▸ **TASK STATEMENT**
The entries that follow must be written out exactly, without any of the pictures they contain.

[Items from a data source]

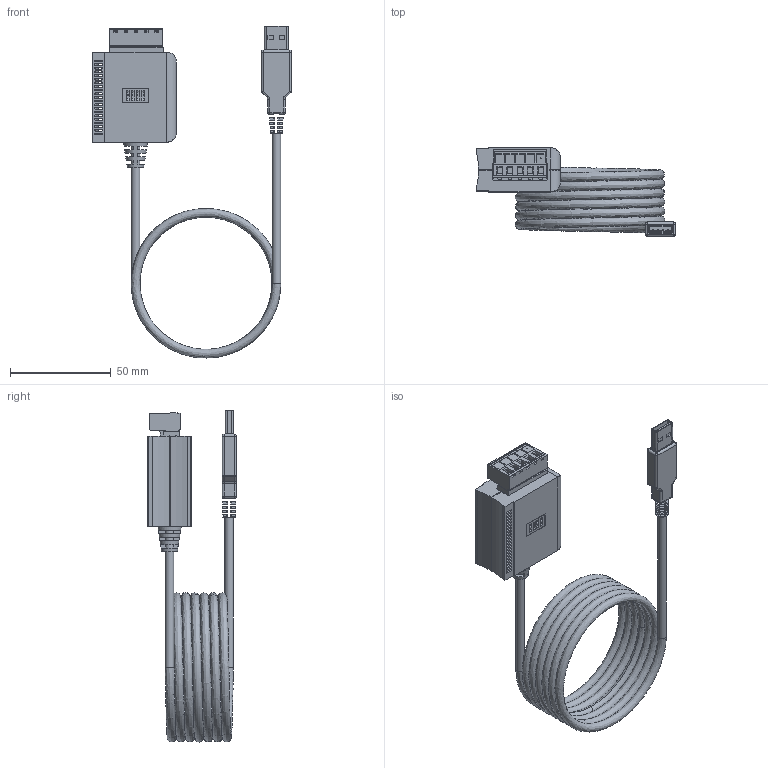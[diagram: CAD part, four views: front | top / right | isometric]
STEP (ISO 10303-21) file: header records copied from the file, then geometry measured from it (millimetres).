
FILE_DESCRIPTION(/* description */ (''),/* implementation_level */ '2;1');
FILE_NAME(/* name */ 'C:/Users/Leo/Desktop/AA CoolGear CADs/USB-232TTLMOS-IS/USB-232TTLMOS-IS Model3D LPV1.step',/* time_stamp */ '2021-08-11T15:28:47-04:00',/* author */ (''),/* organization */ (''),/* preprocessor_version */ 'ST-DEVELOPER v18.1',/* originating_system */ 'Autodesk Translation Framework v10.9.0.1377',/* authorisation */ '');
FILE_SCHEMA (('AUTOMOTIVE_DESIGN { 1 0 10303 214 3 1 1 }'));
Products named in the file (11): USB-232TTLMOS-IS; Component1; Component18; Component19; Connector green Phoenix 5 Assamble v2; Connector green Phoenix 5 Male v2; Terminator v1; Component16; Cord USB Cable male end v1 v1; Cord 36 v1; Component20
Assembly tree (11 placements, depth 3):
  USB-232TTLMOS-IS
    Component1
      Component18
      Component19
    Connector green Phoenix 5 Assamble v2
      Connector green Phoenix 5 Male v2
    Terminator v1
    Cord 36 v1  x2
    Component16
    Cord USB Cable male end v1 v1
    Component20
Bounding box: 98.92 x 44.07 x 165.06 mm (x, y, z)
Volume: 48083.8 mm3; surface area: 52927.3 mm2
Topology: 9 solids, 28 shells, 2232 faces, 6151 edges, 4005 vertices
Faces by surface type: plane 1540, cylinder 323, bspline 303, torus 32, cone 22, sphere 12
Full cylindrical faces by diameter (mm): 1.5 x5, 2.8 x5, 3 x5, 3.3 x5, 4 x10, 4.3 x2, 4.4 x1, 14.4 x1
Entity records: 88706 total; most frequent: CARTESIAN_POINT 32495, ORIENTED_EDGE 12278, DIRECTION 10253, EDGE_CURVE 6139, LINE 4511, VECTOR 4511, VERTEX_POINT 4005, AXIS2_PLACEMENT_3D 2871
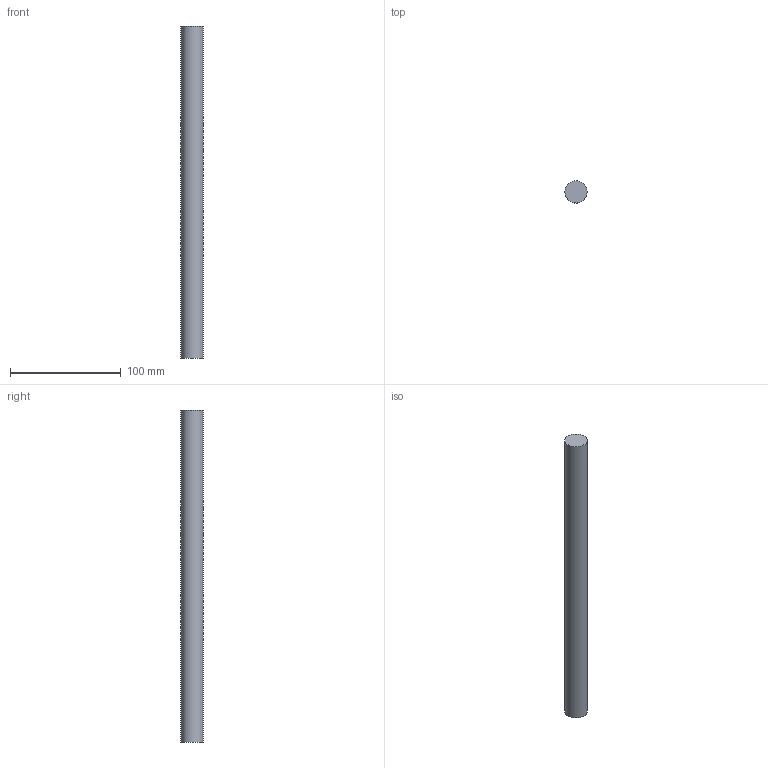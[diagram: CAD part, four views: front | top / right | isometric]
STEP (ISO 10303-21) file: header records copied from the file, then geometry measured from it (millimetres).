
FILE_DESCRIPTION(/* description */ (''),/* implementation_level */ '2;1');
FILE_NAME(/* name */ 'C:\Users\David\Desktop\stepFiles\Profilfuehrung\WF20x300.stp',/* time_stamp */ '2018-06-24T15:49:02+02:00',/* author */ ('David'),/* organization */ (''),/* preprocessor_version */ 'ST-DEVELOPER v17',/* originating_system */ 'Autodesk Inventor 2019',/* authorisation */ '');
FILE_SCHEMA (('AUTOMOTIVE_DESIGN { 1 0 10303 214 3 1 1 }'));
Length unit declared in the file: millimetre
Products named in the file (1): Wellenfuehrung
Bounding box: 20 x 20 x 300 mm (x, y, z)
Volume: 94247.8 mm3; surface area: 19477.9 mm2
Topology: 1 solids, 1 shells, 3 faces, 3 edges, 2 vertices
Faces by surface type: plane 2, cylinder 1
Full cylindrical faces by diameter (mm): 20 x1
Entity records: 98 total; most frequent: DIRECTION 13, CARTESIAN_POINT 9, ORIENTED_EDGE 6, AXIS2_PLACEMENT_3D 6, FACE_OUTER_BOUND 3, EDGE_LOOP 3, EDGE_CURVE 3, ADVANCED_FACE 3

▸ **PROBLEM SOLUTION**
[diagram: CAD part, four views: front | top / right | isometric]
STEP (ISO 10303-21) file: header records copied from the file, then geometry measured from it (millimetres).
FILE_DESCRIPTION(/* description */ (''),/* implementation_level */ '2;1');
FILE_NAME(/* name */ 'C:/Users/Leo/Desktop/AA CoolGear CADs/USB-232TTLMOS-IS/USB-232TTLMOS-IS Model3D LPV1.step',/* time_stamp */ '2021-08-11T15:28:47-04:00',/* author */ (''),/* organization */ (''),/* preprocessor_version */ 'ST-DEVELOPER v18.1',/* originating_system */ 'Autodesk Translation Framework v10.9.0.1377',/* authorisation */ '');
FILE_SCHEMA (('AUTOMOTIVE_DESIGN { 1 0 10303 214 3 1 1 }'));
Products named in the file (11): USB-232TTLMOS-IS; Component1; Component18; Component19; Connector green Phoenix 5 Assamble v2; Connector green Phoenix 5 Male v2; Terminator v1; Component16; Cord USB Cable male end v1 v1; Cord 36 v1; Component20
Assembly tree (11 placements, depth 3):
  USB-232TTLMOS-IS
    Component1
      Component18
      Component19
    Connector green Phoenix 5 Assamble v2
      Connector green Phoenix 5 Male v2
    Terminator v1
    Cord 36 v1  x2
    Component16
    Cord USB Cable male end v1 v1
    Component20
Bounding box: 98.92 x 44.07 x 165.06 mm (x, y, z)
Volume: 48083.8 mm3; surface area: 52927.3 mm2
Topology: 9 solids, 28 shells, 2232 faces, 6151 edges, 4005 vertices
Faces by surface type: plane 1540, cylinder 323, bspline 303, torus 32, cone 22, sphere 12
Full cylindrical faces by diameter (mm): 1.5 x5, 2.8 x5, 3 x5, 3.3 x5, 4 x10, 4.3 x2, 4.4 x1, 14.4 x1
Entity records: 88706 total; most frequent: CARTESIAN_POINT 32495, ORIENTED_EDGE 12278, DIRECTION 10253, EDGE_CURVE 6139, LINE 4511, VECTOR 4511, VERTEX_POINT 4005, AXIS2_PLACEMENT_3D 2871
[diagram: CAD part, four views: front | top / right | isometric]
STEP (ISO 10303-21) file: header records copied from the file, then geometry measured from it (millimetres).
FILE_DESCRIPTION(/* description */ (''),/* implementation_level */ '2;1');
FILE_NAME(/* name */ 'C:\Users\David\Desktop\stepFiles\Profilfuehrung\WF20x300.stp',/* time_stamp */ '2018-06-24T15:49:02+02:00',/* author */ ('David'),/* organization */ (''),/* preprocessor_version */ 'ST-DEVELOPER v17',/* originating_system */ 'Autodesk Inventor 2019',/* authorisation */ '');
FILE_SCHEMA (('AUTOMOTIVE_DESIGN { 1 0 10303 214 3 1 1 }'));
Length unit declared in the file: millimetre
Products named in the file (1): Wellenfuehrung
Bounding box: 20 x 20 x 300 mm (x, y, z)
Volume: 94247.8 mm3; surface area: 19477.9 mm2
Topology: 1 solids, 1 shells, 3 faces, 3 edges, 2 vertices
Faces by surface type: plane 2, cylinder 1
Full cylindrical faces by diameter (mm): 20 x1
Entity records: 98 total; most frequent: DIRECTION 13, CARTESIAN_POINT 9, ORIENTED_EDGE 6, AXIS2_PLACEMENT_3D 6, FACE_OUTER_BOUND 3, EDGE_LOOP 3, EDGE_CURVE 3, ADVANCED_FACE 3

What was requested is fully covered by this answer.